START Entries supplied
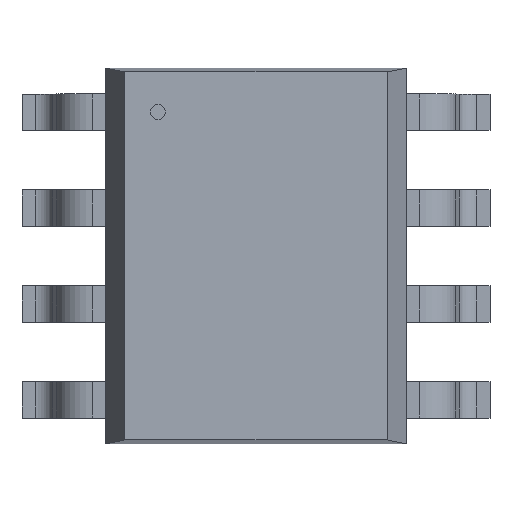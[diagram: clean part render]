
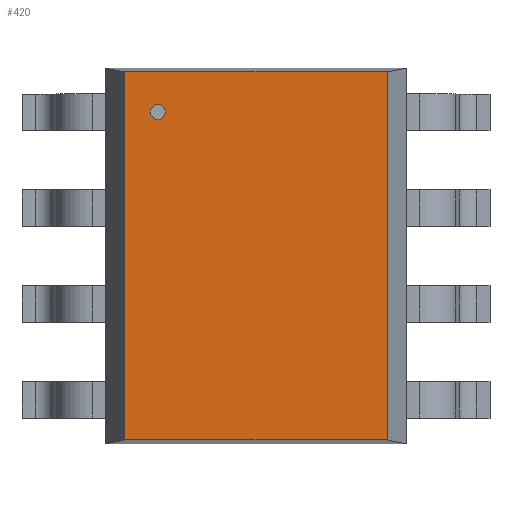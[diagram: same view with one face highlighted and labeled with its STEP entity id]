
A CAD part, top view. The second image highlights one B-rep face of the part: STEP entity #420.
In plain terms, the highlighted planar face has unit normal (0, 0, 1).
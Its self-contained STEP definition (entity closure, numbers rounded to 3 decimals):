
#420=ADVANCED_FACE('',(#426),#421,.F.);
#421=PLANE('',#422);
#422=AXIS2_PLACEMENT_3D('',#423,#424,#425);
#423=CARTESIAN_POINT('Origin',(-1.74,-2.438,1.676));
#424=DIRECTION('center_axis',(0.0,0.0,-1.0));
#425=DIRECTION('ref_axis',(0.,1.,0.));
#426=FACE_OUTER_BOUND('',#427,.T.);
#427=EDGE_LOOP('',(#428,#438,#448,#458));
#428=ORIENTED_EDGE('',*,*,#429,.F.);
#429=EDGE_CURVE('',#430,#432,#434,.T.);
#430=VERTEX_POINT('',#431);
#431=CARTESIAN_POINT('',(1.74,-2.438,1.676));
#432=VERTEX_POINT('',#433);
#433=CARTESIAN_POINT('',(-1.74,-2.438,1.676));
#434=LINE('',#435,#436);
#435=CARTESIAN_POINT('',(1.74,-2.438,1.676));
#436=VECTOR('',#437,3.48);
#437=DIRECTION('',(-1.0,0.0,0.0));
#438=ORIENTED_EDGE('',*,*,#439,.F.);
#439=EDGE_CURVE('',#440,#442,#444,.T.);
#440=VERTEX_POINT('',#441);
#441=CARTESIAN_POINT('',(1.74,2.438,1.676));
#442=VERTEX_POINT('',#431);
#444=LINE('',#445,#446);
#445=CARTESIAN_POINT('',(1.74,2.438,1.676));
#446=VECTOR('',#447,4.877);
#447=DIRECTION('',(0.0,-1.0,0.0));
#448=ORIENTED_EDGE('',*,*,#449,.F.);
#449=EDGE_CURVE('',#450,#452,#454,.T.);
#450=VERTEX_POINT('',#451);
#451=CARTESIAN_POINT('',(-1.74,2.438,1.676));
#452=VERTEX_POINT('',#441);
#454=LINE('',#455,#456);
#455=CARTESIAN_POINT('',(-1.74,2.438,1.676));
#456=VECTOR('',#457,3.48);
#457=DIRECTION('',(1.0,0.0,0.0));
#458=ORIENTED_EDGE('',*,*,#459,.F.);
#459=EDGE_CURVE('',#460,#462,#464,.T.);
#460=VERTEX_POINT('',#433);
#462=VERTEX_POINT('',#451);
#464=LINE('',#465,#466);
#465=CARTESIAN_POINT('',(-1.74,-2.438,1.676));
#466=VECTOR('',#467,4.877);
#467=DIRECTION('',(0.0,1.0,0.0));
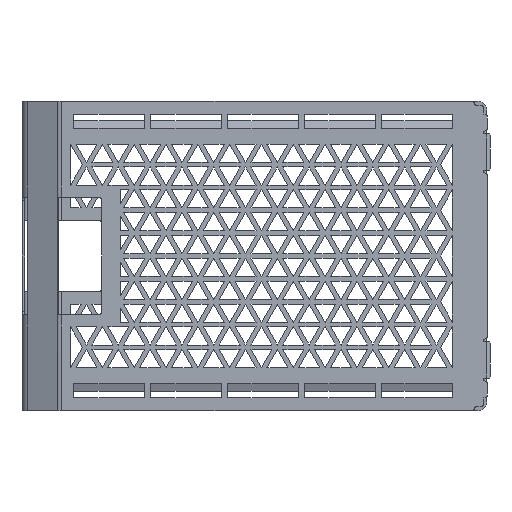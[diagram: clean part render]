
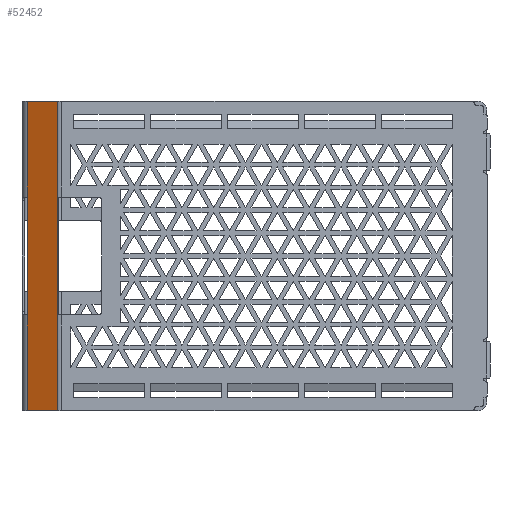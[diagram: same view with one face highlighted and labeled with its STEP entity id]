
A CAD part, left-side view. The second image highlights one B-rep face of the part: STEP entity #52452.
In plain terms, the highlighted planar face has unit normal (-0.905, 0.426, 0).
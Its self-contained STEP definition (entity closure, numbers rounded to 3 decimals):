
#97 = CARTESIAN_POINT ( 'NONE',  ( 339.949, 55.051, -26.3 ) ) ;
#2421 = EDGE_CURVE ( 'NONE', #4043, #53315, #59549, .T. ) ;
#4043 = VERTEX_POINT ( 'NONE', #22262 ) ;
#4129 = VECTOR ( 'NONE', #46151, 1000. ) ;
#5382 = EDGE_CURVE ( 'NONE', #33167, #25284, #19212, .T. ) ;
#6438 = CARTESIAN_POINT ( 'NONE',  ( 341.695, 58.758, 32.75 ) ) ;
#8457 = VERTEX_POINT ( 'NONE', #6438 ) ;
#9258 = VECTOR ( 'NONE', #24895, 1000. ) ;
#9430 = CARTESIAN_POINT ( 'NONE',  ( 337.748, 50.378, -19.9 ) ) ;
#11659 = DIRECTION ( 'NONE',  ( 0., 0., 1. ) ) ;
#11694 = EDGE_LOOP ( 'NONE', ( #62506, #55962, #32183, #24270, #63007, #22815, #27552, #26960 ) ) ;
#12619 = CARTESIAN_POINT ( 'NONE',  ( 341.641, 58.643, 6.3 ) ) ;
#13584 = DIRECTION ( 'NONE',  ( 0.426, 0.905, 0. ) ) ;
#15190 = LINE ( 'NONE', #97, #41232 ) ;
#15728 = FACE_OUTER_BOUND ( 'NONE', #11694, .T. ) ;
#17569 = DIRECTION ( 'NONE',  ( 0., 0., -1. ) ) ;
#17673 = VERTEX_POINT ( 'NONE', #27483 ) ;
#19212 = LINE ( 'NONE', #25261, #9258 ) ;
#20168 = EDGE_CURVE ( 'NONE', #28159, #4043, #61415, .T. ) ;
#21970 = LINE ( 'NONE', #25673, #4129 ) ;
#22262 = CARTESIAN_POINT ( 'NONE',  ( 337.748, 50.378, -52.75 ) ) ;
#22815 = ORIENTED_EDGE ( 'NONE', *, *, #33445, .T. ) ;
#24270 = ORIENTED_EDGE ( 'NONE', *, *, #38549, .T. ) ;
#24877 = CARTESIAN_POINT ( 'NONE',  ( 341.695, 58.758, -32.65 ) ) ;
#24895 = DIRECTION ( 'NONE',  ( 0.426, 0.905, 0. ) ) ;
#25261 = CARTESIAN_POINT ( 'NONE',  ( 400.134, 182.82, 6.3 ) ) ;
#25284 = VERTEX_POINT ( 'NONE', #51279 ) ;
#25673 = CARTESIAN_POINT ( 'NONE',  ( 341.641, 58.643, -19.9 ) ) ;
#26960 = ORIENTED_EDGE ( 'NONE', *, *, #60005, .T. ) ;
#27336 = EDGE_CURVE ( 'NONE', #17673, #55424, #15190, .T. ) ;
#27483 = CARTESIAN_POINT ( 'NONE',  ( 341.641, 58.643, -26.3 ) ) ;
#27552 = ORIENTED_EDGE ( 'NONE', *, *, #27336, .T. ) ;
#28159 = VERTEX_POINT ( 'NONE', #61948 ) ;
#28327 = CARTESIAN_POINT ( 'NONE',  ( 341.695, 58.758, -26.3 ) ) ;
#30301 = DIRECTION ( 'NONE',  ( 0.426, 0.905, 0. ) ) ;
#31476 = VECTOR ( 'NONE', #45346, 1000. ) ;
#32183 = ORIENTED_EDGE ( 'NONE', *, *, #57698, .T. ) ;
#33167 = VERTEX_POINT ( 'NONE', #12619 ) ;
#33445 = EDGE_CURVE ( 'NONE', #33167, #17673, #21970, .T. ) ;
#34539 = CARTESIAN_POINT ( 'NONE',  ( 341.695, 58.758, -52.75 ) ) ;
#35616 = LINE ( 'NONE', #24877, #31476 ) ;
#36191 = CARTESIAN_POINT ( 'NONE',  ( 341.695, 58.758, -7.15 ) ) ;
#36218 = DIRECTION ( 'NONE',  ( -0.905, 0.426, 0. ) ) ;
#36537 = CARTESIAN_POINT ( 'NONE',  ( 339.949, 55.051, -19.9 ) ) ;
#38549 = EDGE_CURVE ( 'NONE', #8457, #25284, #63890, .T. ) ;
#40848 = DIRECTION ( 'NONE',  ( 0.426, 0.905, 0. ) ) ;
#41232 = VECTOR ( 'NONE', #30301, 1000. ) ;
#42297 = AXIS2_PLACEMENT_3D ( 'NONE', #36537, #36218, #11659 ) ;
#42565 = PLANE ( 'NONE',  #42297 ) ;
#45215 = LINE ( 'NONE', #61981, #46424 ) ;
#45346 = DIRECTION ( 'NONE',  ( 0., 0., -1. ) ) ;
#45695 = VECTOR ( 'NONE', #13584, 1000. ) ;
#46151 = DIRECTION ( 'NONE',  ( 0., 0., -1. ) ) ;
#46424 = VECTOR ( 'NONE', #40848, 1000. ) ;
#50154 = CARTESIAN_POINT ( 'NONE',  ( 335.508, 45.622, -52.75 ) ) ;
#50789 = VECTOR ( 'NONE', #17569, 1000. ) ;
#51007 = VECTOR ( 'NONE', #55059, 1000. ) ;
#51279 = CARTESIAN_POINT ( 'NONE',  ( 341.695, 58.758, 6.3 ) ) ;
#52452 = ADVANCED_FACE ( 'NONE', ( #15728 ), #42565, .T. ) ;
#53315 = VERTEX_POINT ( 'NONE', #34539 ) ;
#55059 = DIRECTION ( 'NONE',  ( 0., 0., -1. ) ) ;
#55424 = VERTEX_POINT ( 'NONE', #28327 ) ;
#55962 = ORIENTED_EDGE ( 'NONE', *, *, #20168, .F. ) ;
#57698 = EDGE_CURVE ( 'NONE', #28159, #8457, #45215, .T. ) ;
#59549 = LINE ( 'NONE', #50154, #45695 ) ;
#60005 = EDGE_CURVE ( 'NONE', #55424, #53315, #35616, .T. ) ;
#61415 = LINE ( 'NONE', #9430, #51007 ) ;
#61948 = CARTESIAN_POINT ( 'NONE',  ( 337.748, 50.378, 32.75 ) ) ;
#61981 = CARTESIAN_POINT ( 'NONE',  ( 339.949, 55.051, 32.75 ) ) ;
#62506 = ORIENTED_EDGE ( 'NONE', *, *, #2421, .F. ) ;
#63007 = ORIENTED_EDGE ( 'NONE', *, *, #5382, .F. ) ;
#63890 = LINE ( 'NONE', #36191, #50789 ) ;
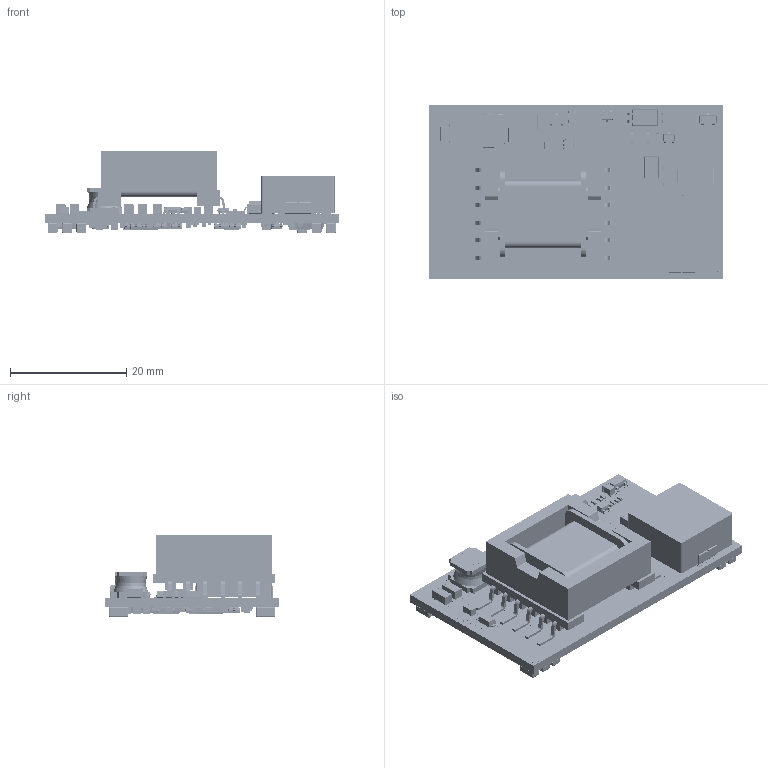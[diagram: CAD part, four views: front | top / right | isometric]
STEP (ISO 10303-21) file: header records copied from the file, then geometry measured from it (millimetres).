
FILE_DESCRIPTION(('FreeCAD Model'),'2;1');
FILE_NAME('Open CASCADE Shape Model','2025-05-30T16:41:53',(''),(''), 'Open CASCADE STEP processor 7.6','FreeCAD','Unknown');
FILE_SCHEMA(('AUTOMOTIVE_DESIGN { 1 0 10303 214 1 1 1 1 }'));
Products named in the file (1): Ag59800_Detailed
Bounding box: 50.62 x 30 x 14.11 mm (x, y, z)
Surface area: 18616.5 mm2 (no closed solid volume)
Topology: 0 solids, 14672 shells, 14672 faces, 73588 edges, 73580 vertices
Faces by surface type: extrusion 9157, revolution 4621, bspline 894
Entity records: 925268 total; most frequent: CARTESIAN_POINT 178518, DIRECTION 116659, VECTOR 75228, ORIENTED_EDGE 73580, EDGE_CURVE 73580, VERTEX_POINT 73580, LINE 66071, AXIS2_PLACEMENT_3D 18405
END Entries supplied
Exercise: Retype only the lines that run from the first line of the entries above to the line containing "#423=CARTESIAN_POINT('Origin',(-1.74,-2.438,1.676));", both included. Do not carry over any pictures.

Answer space:
[diagram: clean part render]
[diagram: same view with one face highlighted and labeled with its STEP entity id]
A CAD part, top view. The second image highlights one B-rep face of the part: STEP entity #420.
In plain terms, the highlighted planar face has unit normal (0, 0, 1).
Its self-contained STEP definition (entity closure, numbers rounded to 3 decimals):
#420=ADVANCED_FACE('',(#426),#421,.F.);
#421=PLANE('',#422);
#422=AXIS2_PLACEMENT_3D('',#423,#424,#425);
#423=CARTESIAN_POINT('Origin',(-1.74,-2.438,1.676));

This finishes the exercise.